Of the records that follow, copy only the lines from the line containing "elements below it])" to the line containing "of that type])", both included, exactly as written.

[Start of section]

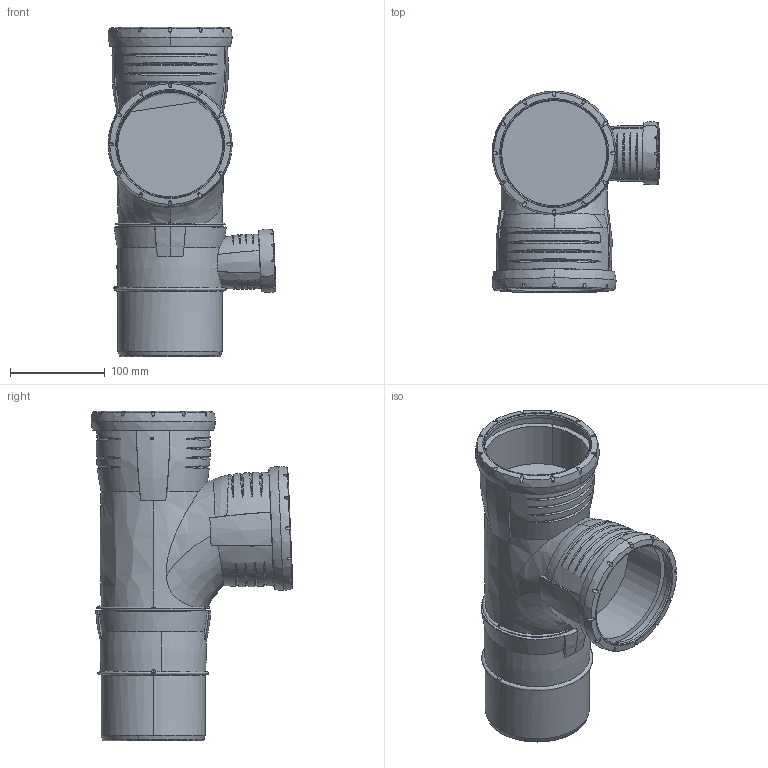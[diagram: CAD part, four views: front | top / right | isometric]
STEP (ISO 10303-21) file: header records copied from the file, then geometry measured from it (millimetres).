
FILE_DESCRIPTION(('CAx-IF Rec.Pracs.---Model Styling and Organization---1.2---2011-12-15','CAx-IF Rec.Pracs.---Geometric and Assembly Validation Properties---4.3---2015-07-16','CAx-IF Rec.Pracs.---Representation and Presentation of Product Manufacturing Information (PMI)---4.0.3---2016-08-25'),'2;1');
FILE_NAME('393565.stp','2025-11-19T16:15:41+01:00',(''),(''),'STEP Interface 4.7 SP2 by CT CoreTechnologie','3D_Analyzer4.7 SP2 by CT CoreTechnologie','');
FILE_SCHEMA(('AP203_CONFIGURATION_CONTROLLED_3D_DESIGN_OF_MECHANICAL_PARTS_AND_ASSEMBLIES_MIM_LF'));
Length unit declared in the file: millimetre
Products named in the file (1): 393565
Bounding box: 177.11 x 212.88 x 347.7 mm (x, y, z)
Surface area: 295525.9 mm2 (no closed solid volume)
Topology: 0 solids, 1 shells, 301 faces, 899 edges, 623 vertices
Faces by surface type: bspline 201, plane 75, cylinder 25
Entity records: 22936 total; most frequent: CARTESIAN_POINT 9779, ORIENTED_EDGE 1782, DIRECTION 1308, EDGE_CURVE 891, VERTEX_POINT 621, PROPERTY_DEFINITION 605, AXIS2_PLACEMENT_3D 521, CIRCLE 420
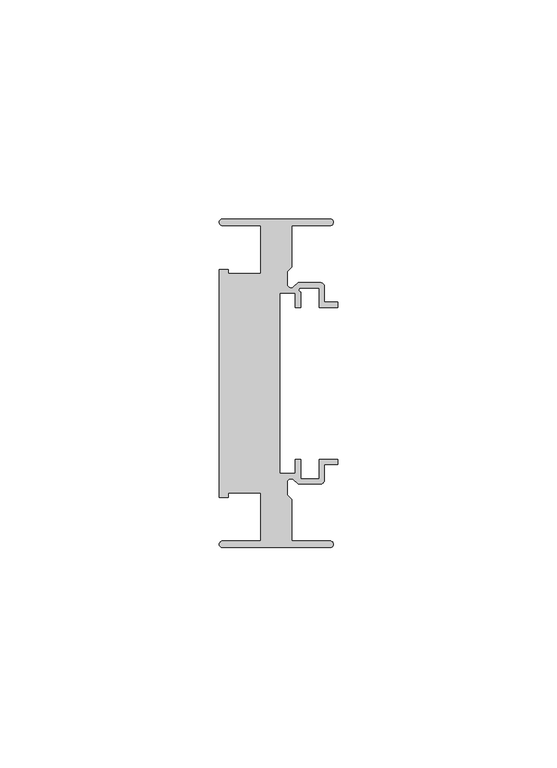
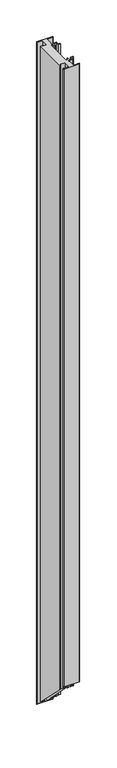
"""IFC4 building model written with IfcOpenShell, lengths in millimetres: member geometry, Прямоугольный импост : 7-AMG-2-Профиль 26Х75 Верх П."""

import ifcopenshell
import ifcopenshell.guid

model = None  # the IFC model being written
_history = None  # IfcOwnerHistory: only IFC2X3 demands one
_inside = {}  # id of a spatial element -> (the spatial element, [elements in it])
_under = {}  # id of a project, library or spatial element -> (it, [spatial elements below it])
_declared = {}  # id of a project -> (the project, [libraries it declares])
_typed = {}  # id of a type object -> (the type object, [elements of that type])
_made_of = {}  # id of a material, layer set ... -> (it, [elements and type objects made of it])


def new_model(schema):
    """Start an empty IFC model of exactly this schema.

    Asked for "IFC4X3", IfcOpenShell would pick the latest addendum, in which some entities
    have other attributes; the version numbers below select the first issue.
    IFC2X3 requires an IfcOwnerHistory on every rooted entity: one is made here for all.
    """
    global model, _history
    if schema == "IFC4X3":
        model = ifcopenshell.file(schema_version=(4, 3, 0, 0))
    else:
        model = ifcopenshell.file(schema=schema)
    _inside.clear()
    _under.clear()
    _declared.clear()
    _typed.clear()
    _made_of.clear()
    _history = None
    if model.schema == "IFC2X3":
        org = make("IfcOrganization", Name="unknown")
        user = make(
            "IfcPersonAndOrganization",
            ThePerson=make("IfcPerson", FamilyName="unknown"),
            TheOrganization=org,
        )
        app = make(
            "IfcApplication",
            ApplicationDeveloper=org,
            Version="unknown",
            ApplicationFullName="unknown",
            ApplicationIdentifier="unknown",
        )
        _history = make(
            "IfcOwnerHistory",
            OwningUser=user,
            OwningApplication=app,
            ChangeAction="ADDED",
            CreationDate=0,
        )
    return model


def make(cls, **values):
    """One entity of the class cls with the attributes given. An attribute that is None is left unset."""
    return model.create_entity(
        cls, **{name: value for name, value in values.items() if value is not None}
    )


def rooted(cls, **values):
    """An entity with a GlobalId (a new one), such as an element, a storey or a relation."""
    return make(cls, GlobalId=ifcopenshell.guid.new(), OwnerHistory=_history, **values)


def si_unit(unit_type, name, prefix=None):
    """IfcSIUnit, for example si_unit("LENGTHUNIT", "METRE", prefix="MILLI")."""
    return make("IfcSIUnit", UnitType=unit_type, Prefix=prefix, Name=name)


def assignment(units):
    """IfcUnitAssignment: the units of a project."""
    return None if units is None else make("IfcUnitAssignment", Units=units)


def point(xyz):
    """IfcCartesianPoint."""
    return None if xyz is None else make("IfcCartesianPoint", Coordinates=xyz)


def direction(xyz):
    """IfcDirection."""
    return None if xyz is None else make("IfcDirection", DirectionRatios=xyz)


def frame(location, z_axis=None, x_axis=None):
    """IfcAxis2Placement3D, a coordinate frame: its origin and axes. An axis left out is left unset."""
    return make(
        "IfcAxis2Placement3D",
        Location=point(location),
        Axis=direction(z_axis),
        RefDirection=direction(x_axis),
    )


def origin():
    """The frame at (0, 0, 0) with its axes left unset."""
    return frame((0.0, 0.0, 0.0))


def place(relative_to, where):
    """IfcLocalPlacement: puts the frame where relative to a parent placement (None: the world)."""
    return make(
        "IfcLocalPlacement", PlacementRelTo=relative_to, RelativePlacement=where
    )


def context(
    kind, dimensions, precision=None, world=None, true_north=None, identifier=None
):
    """IfcGeometricRepresentationContext, for example the 3D "Model" context."""
    return make(
        "IfcGeometricRepresentationContext",
        ContextIdentifier=identifier,
        ContextType=kind,
        CoordinateSpaceDimension=dimensions,
        Precision=precision,
        WorldCoordinateSystem=world,
        TrueNorth=true_north,
    )


def project(units=None, contexts=None):
    """IfcProject with its units and contexts."""
    return rooted(
        "IfcProject",
        Name="project",
        RepresentationContexts=contexts,
        UnitsInContext=assignment(units),
    )


def spatial(cls, under=None, at=None, **own):
    """A site, building, storey or space (cls), placed at a placement, below another one or the project."""
    s = rooted(cls, ObjectPlacement=at, **own)
    if under is not None:
        _under.setdefault(under.id(), (under, []))[1].append(s)
    return s


def polyline(points):
    """IfcPolyline through the points."""
    return make("IfcPolyline", Points=[point(p) for p in points])


def circle_curve(where, radius):
    """IfcCircle in the frame where."""
    return make("IfcCircle", Position=where, Radius=radius)


def ellipse_curve(where, semi_axis1, semi_axis2):
    """IfcEllipse in the frame where."""
    return make(
        "IfcEllipse", Position=where, SemiAxis1=semi_axis1, SemiAxis2=semi_axis2
    )


def shape(context_of_items, identifier, shape_type, items):
    """IfcShapeRepresentation: the items that make up one representation, for example the "Body"."""
    return make(
        "IfcShapeRepresentation",
        ContextOfItems=context_of_items,
        RepresentationIdentifier=identifier,
        RepresentationType=shape_type,
        Items=items,
    )


def source(mapping_origin, context_of_items, identifier, shape_type, items):
    """IfcRepresentationMap: a shape defined once, which mapped items show again and again."""
    return make(
        "IfcRepresentationMap",
        MappingOrigin=mapping_origin,
        MappedRepresentation=shape(context_of_items, identifier, shape_type, items),
    )


def transform(
    local_origin,
    x_axis=None,
    y_axis=None,
    z_axis=None,
    scale=None,
    scale2=None,
    scale3=None,
    uniform=True,
):
    """IfcCartesianTransformationOperator3D, or its non-uniform kind. x_axis, y_axis, z_axis: its Axis1, 2, 3."""
    if uniform:
        return make(
            "IfcCartesianTransformationOperator3D",
            Axis1=direction(x_axis),
            Axis2=direction(y_axis),
            LocalOrigin=point(local_origin),
            Scale=scale,
            Axis3=direction(z_axis),
        )
    return make(
        "IfcCartesianTransformationOperator3DnonUniform",
        Axis1=direction(x_axis),
        Axis2=direction(y_axis),
        LocalOrigin=point(local_origin),
        Scale=scale,
        Axis3=direction(z_axis),
        Scale2=scale2,
        Scale3=scale3,
    )


def mapped(mapping_source, mapping_target):
    """IfcMappedItem: shows the shape of a source again, moved by a transform."""
    return make(
        "IfcMappedItem", MappingSource=mapping_source, MappingTarget=mapping_target
    )


def made_of(thing, what):
    """Note that an element or type object is made of a material, layer set ...; save() writes the relation."""
    if what is not None:
        _made_of.setdefault(what.id(), (what, []))[1].append(thing)
    return thing


def element(
    cls,
    number,
    at=None,
    inside=None,
    cuts=None,
    type_object=None,
    material=None,
    context=None,
    identifier="Body",
    shape_type=None,
    held_by="IfcProductDefinitionShape",
    body=None,
    shapes=None,
    **own,
):
    """One element of the class cls, such as IfcWall. Its Tag is "e" and its number.

    at: its placement. inside: the storey or other place that contains it. cuts: it is an
    opening in that element (IfcRelVoidsElement). A single representation is given by context,
    identifier, shape_type and body (its items); several are given by shapes. held_by: the class
    of the entity that holds the representations. save() writes the other relations.
    """
    e = rooted(cls, Tag="e%d" % number, ObjectPlacement=at, **own)
    if body is not None:
        shapes = [shape(context, identifier, shape_type, body)]
    if shapes is not None:
        e.Representation = make(held_by, Representations=shapes)
    if inside is not None:
        _inside.setdefault(inside.id(), (inside, []))[1].append(e)
    if cuts is not None:
        rooted(
            "IfcRelVoidsElement", RelatingBuildingElement=cuts, RelatedOpeningElement=e
        )
    if type_object is not None:
        _typed.setdefault(type_object.id(), (type_object, []))[1].append(e)
    return made_of(e, material)


def aggregate(whole, parts):
    """IfcRelAggregates: a whole, such as a stair, and the parts it consists of."""
    return rooted("IfcRelAggregates", RelatingObject=whole, RelatedObjects=parts)


def save(model, path):
    """Write the relations noted so far, then the file.

    IfcRelAggregates (storeys below a building ...), IfcRelContainedInSpatialStructure (elements
    in a storey), IfcRelDefinesByType, IfcRelAssociatesMaterial and IfcRelDeclares: one each for
    every whole, place, type object, material and project.
    """
    for whole, parts in _under.values():
        aggregate(whole, parts)
    for where, things in _inside.values():
        rooted(
            "IfcRelContainedInSpatialStructure",
            RelatedElements=things,
            RelatingStructure=where,
        )
    for kind, things in _typed.values():
        rooted("IfcRelDefinesByType", RelatedObjects=things, RelatingType=kind)
    for what, things in _made_of.values():
        rooted("IfcRelAssociatesMaterial", RelatedObjects=things, RelatingMaterial=what)
    for by, libraries in _declared.values():
        rooted("IfcRelDeclares", RelatingContext=by, RelatedDefinitions=libraries)
    model.write(path)


def plane_surface(at):
    """IfcPlane: the flat surface through the origin of the frame at, square to its z axis."""
    return make("IfcPlane", Position=at)


def cylinder_surface(at, radius):
    """IfcCylindricalSurface: all points at the distance radius from the z axis of the frame at."""
    return make("IfcCylindricalSurface", Position=at, Radius=radius)


def revolved_surface(curve, axis_point, axis_direction):
    """IfcSurfaceOfRevolution: the curve turned about the line through axis_point along axis_direction."""
    return make(
        "IfcSurfaceOfRevolution",
        SweptCurve=make("IfcArbitraryOpenProfileDef", ProfileType="CURVE", Curve=curve),
        AxisPosition=make("IfcAxis1Placement", Location=point(axis_point), Axis=direction(axis_direction)),
    )


def advanced_brep(points, edges, surfaces, faces):
    """IfcAdvancedBrep: a solid bounded by faces that lie on surfaces and meet in shared edges.

    An edge is (start, end): straight between two places in points (the first is 0);
    or (start, end, curve); or (start, end, curve, False) where it runs against its curve.
    A face is (place in surfaces, loops), or (place, loops, False) where it looks against
    its surface's normal. A loop lists edges by number (the first is 1), with a minus sign
    where the edge is run from its end to its start. The first loop is the outer one.
    """
    corners = [point(p) for p in points]
    vertices = [make("IfcVertexPoint", VertexGeometry=c) for c in corners]
    made = []
    for start, end, *more in edges:
        made.append(
            make(
                "IfcEdgeCurve",
                EdgeStart=vertices[start],
                EdgeEnd=vertices[end],
                EdgeGeometry=more[0] if more else make("IfcPolyline", Points=[corners[start], corners[end]]),
                SameSense=more[1] if len(more) > 1 else True,
            )
        )
    hull = []
    for where, loops, *sense in faces:
        bounds = []
        for j, loop in enumerate(loops):
            ring = [make("IfcOrientedEdge", EdgeElement=made[abs(k) - 1], Orientation=k > 0) for k in loop]
            bounds.append(
                make(
                    "IfcFaceOuterBound" if j == 0 else "IfcFaceBound",
                    Bound=make("IfcEdgeLoop", EdgeList=ring),
                    Orientation=True,
                )
            )
        hull.append(make("IfcAdvancedFace", Bounds=bounds, FaceSurface=surfaces[where], SameSense=sense[0] if sense else True))
    return make("IfcAdvancedBrep", Outer=make("IfcClosedShell", CfsFaces=hull))


def member_475a050b(model_context):
    return source(origin(), model_context, "Body", "AdvancedBrep", [
        advanced_brep(
        [(-1.7, -37.5, 0.0), (-1.7, -36.0, 0.0), (-10.5, -36.0, 0.0), (-10.5, -26.5029437, 0.0), (-11.5, -25.5029437, 0.0), (-11.5, -22.6727922, 0.0), (-9.9636039, -22.0363961, 0.0), (-9.0, -23.0, 0.0), (-4.0, -23.0, 0.0), (-3.0, -22.0, 0.0), (-3.0, -18.55, 0.0), (0.0, -18.55, 0.0), (0.0, -17.35, 0.0), (-4.2, -17.35, 0.0), (-4.2, -21.8, 0.0), (-8.45, -21.8, 0.0), (-8.45, -17.35, 0.0), (-9.65, -17.35, 0.0), (-9.65, -20.55, 0.0), (-13.15, -20.55, 0.0), (-13.15, 20.55, 0.0), (-9.65, 20.55, 0.0), (-9.65, 17.35, 0.0), (-8.45, 17.35, 0.0), (-8.45, 20.8470563, 0.0), (-8.5029437, 21.8, 0.0), (-4.2, 21.8, 0.0), (-4.2, 17.35, 0.0), (0.0, 17.35, 0.0), (0.0, 18.55, 0.0), (-3.0, 18.55, 0.0), (-3.0, 22.0, 0.0), (-4.0, 23.0, 0.0), (-9.0, 23.0, 0.0), (-9.9636039, 22.0363961, 0.0), (-11.5, 22.6727922, 0.0), (-11.5, 25.5029437, 0.0), (-10.5, 26.5029437, 0.0), (-10.5, 36.0, 0.0), (-1.7, 36.0, 0.0), (-1.7, 37.5, 0.0), (-26.25, 37.5, 0.0), (-26.25, 36.0, 0.0), (-17.5, 36.0, 0.0), (-17.5, 25.0, 0.0), (-24.9359877, 25.0, 0.0), (-24.9359877, 26.0, 0.0), (-27.0, 26.0, 0.0), (-27.0, -26.0, 0.0), (-24.9359877, -26.0, 0.0), (-24.9359877, -25.0, 0.0), (-17.5, -25.0, 0.0), (-17.5, -36.0, 0.0), (-26.25, -36.0, 0.0), (-26.25, -37.5, 0.0), (-1.7, -37.5, -1035.5), (-1.7, -36.0, -1037.0), (-10.5, -36.0, -1037.0), (-10.5, -26.5029437, -1046.4970563), (-11.5, -25.5029437, -1047.4970563), (-11.5, -22.6727922, -1050.3272078), (-9.9636039, -22.0363961, -1050.9636039), (-9.0, -23.0, -1050.0), (-4.0, -23.0, -1050.0), (-3.0, -22.0, -1051.0), (-3.0, -18.55, -1054.45), (0.0, -18.55, -1054.45), (0.0, -17.35, -1055.65), (-4.2, -17.35, -1055.65), (-4.2, -21.8, -1051.2), (-8.45, -21.8, -1051.2), (-8.45, -17.35, -1055.65), (-9.65, -17.35, -1055.65), (-9.65, -20.55, -1052.45), (-13.15, -20.55, -1052.45), (-13.15, 20.55, -1093.55), (-9.65, 20.55, -1093.55), (-9.65, 17.35, -1090.35), (-8.45, 17.35, -1090.35), (-8.45, 20.8470563, -1093.8470563), (-8.5029437, 21.8, -1094.8), (-4.2, 21.8, -1094.8), (-4.2, 17.35, -1090.35), (0.0, 17.35, -1090.35), (0.0, 18.55, -1091.55), (-3.0, 18.55, -1091.55), (-3.0, 22.0, -1095.0), (-4.0, 23.0, -1096.0), (-9.0, 23.0, -1096.0), (-9.9636039, 22.0363961, -1095.0363961), (-11.5, 22.6727922, -1095.6727922), (-11.5, 25.5029437, -1098.5029437), (-10.5, 26.5029437, -1099.5029437), (-10.5, 36.0, -1109.0), (-1.7, 36.0, -1109.0), (-1.7, 37.5, -1110.5), (-26.25, 37.5, -1110.5), (-26.25, 36.0, -1109.0), (-17.5, 36.0, -1109.0), (-17.5, 25.0, -1098.0), (-24.9359877, 25.0, -1098.0), (-24.9359877, 26.0, -1099.0), (-27.0, 26.0, -1099.0), (-27.0, -26.0, -1047.0), (-24.9359877, -26.0, -1047.0), (-24.9359877, -25.0, -1048.0), (-17.5, -25.0, -1048.0), (-17.5, -36.0, -1037.0), (-26.25, -36.0, -1037.0), (-26.25, -37.5, -1035.5)],
        [
            (0, 1, circle_curve(frame((-1.7, -36.75, 0.0), z_axis=(0.0, 0.0, 1.0), x_axis=(-1.0, 0.0, 0.0)), 0.75)),
            (1, 2),
            (2, 3),
            (3, 4),
            (4, 5),
            (5, 6, circle_curve(frame((-10.6, -22.6727922, 0.0), z_axis=(0.0, 0.0, -1.0), x_axis=(1.0, 0.0, 0.0)), 0.9)),
            (6, 7),
            (7, 8),
            (8, 9, circle_curve(frame((-4.0, -22.0, 0.0), z_axis=(0.0, 0.0, 1.0), x_axis=(1.0, 0.0, 0.0)), 1.0)),
            (9, 10),
            (10, 11),
            (11, 12),
            (12, 13),
            (13, 14),
            (14, 15),
            (15, 16),
            (16, 17),
            (17, 18),
            (18, 19),
            (19, 20),
            (20, 21),
            (21, 22),
            (22, 23),
            (23, 24),
            (24, 25, circle_curve(frame((-8.3343131, 21.3314262, 0.0), z_axis=(0.0, 0.0, -1.0), x_axis=(1.0, 0.0, 0.0)), 0.4979937)),
            (25, 26),
            (26, 27),
            (27, 28),
            (28, 29),
            (29, 30),
            (30, 31),
            (31, 32, circle_curve(frame((-4.0, 22.0, 0.0), z_axis=(0.0, 0.0, 1.0), x_axis=(1.0, 0.0, 0.0)), 1.0)),
            (32, 33),
            (33, 34),
            (34, 35, circle_curve(frame((-10.6, 22.6727922, 0.0), z_axis=(0.0, 0.0, -1.0), x_axis=(1.0, 0.0, 0.0)), 0.9)),
            (35, 36),
            (36, 37),
            (37, 38),
            (38, 39),
            (39, 40, circle_curve(frame((-1.7, 36.75, 0.0), z_axis=(0.0, 0.0, 1.0), x_axis=(-1.0, 0.0, 0.0)), 0.75)),
            (40, 41),
            (41, 42, circle_curve(frame((-26.25, 36.75, 0.0), z_axis=(0.0, 0.0, 1.0), x_axis=(-1.0, 0.0, 0.0)), 0.75)),
            (42, 43),
            (43, 44),
            (44, 45),
            (45, 46),
            (46, 47),
            (47, 48),
            (48, 49),
            (49, 50),
            (50, 51),
            (51, 52),
            (52, 53),
            (53, 54, circle_curve(frame((-26.25, -36.75, 0.0), z_axis=(0.0, 0.0, 1.0), x_axis=(-1.0, 0.0, 0.0)), 0.75)),
            (54, 0),
            (0, 55),
            (55, 56, ellipse_curve(frame((-1.7, -36.75, -1036.25), z_axis=(0.0, 0.7071067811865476, 0.7071067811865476), x_axis=(0.0, -0.7071067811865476, 0.7071067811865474)), 1.0606602, 0.75)),
            (56, 1),
            (56, 57),
            (57, 2),
            (57, 58),
            (58, 3),
            (58, 59),
            (59, 4),
            (59, 60),
            (60, 5),
            (60, 61, ellipse_curve(frame((-10.6, -22.6727922, -1050.3272078), z_axis=(0.0, -0.7071067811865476, -0.7071067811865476), x_axis=(0.0, 0.7071067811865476, -0.7071067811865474)), 1.2727922, 0.9)),
            (61, 6),
            (61, 62),
            (62, 7),
            (62, 63),
            (63, 8),
            (63, 64, ellipse_curve(frame((-4.0, -22.0, -1051.0), z_axis=(0.0, 0.7071067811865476, 0.7071067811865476), x_axis=(0.0, -0.7071067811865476, 0.7071067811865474)), 1.4142136, 1.0)),
            (64, 9),
            (64, 65),
            (65, 10),
            (65, 66),
            (66, 11),
            (66, 67),
            (67, 12),
            (67, 68),
            (68, 13),
            (68, 69),
            (69, 14),
            (69, 70),
            (70, 15),
            (70, 71),
            (71, 16),
            (71, 72),
            (72, 17),
            (72, 73),
            (73, 18),
            (73, 74),
            (74, 19),
            (74, 75),
            (75, 20),
            (75, 76),
            (76, 21),
            (76, 77),
            (77, 22),
            (77, 78),
            (78, 23),
            (78, 79),
            (79, 24),
            (79, 80, ellipse_curve(frame((-8.3343131, 21.3314262, -1094.3314262), z_axis=(0.0, -0.7071067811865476, -0.7071067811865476), x_axis=(0.0, 0.7071067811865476, -0.7071067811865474)), 0.7042694, 0.4979937)),
            (80, 25),
            (80, 81),
            (81, 26),
            (81, 82),
            (82, 27),
            (82, 83),
            (83, 28),
            (83, 84),
            (84, 29),
            (84, 85),
            (85, 30),
            (85, 86),
            (86, 31),
            (86, 87, ellipse_curve(frame((-4.0, 22.0, -1095.0), z_axis=(0.0, 0.7071067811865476, 0.7071067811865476), x_axis=(0.0, -0.7071067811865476, 0.7071067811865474)), 1.4142136, 1.0)),
            (87, 32),
            (87, 88),
            (88, 33),
            (88, 89),
            (89, 34),
            (89, 90, ellipse_curve(frame((-10.6, 22.6727922, -1095.6727922), z_axis=(0.0, -0.7071067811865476, -0.7071067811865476), x_axis=(0.0, 0.7071067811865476, -0.7071067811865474)), 1.2727922, 0.9)),
            (90, 35),
            (90, 91),
            (91, 36),
            (91, 92),
            (92, 37),
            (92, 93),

[End of section]

### Response to the exercise
_under = {}  # id of a project, library or spatial element -> (it, [spatial elements below it])
_declared = {}  # id of a project -> (the project, [libraries it declares])
_typed = {}  # id of a type object -> (the type object, [elements of that type])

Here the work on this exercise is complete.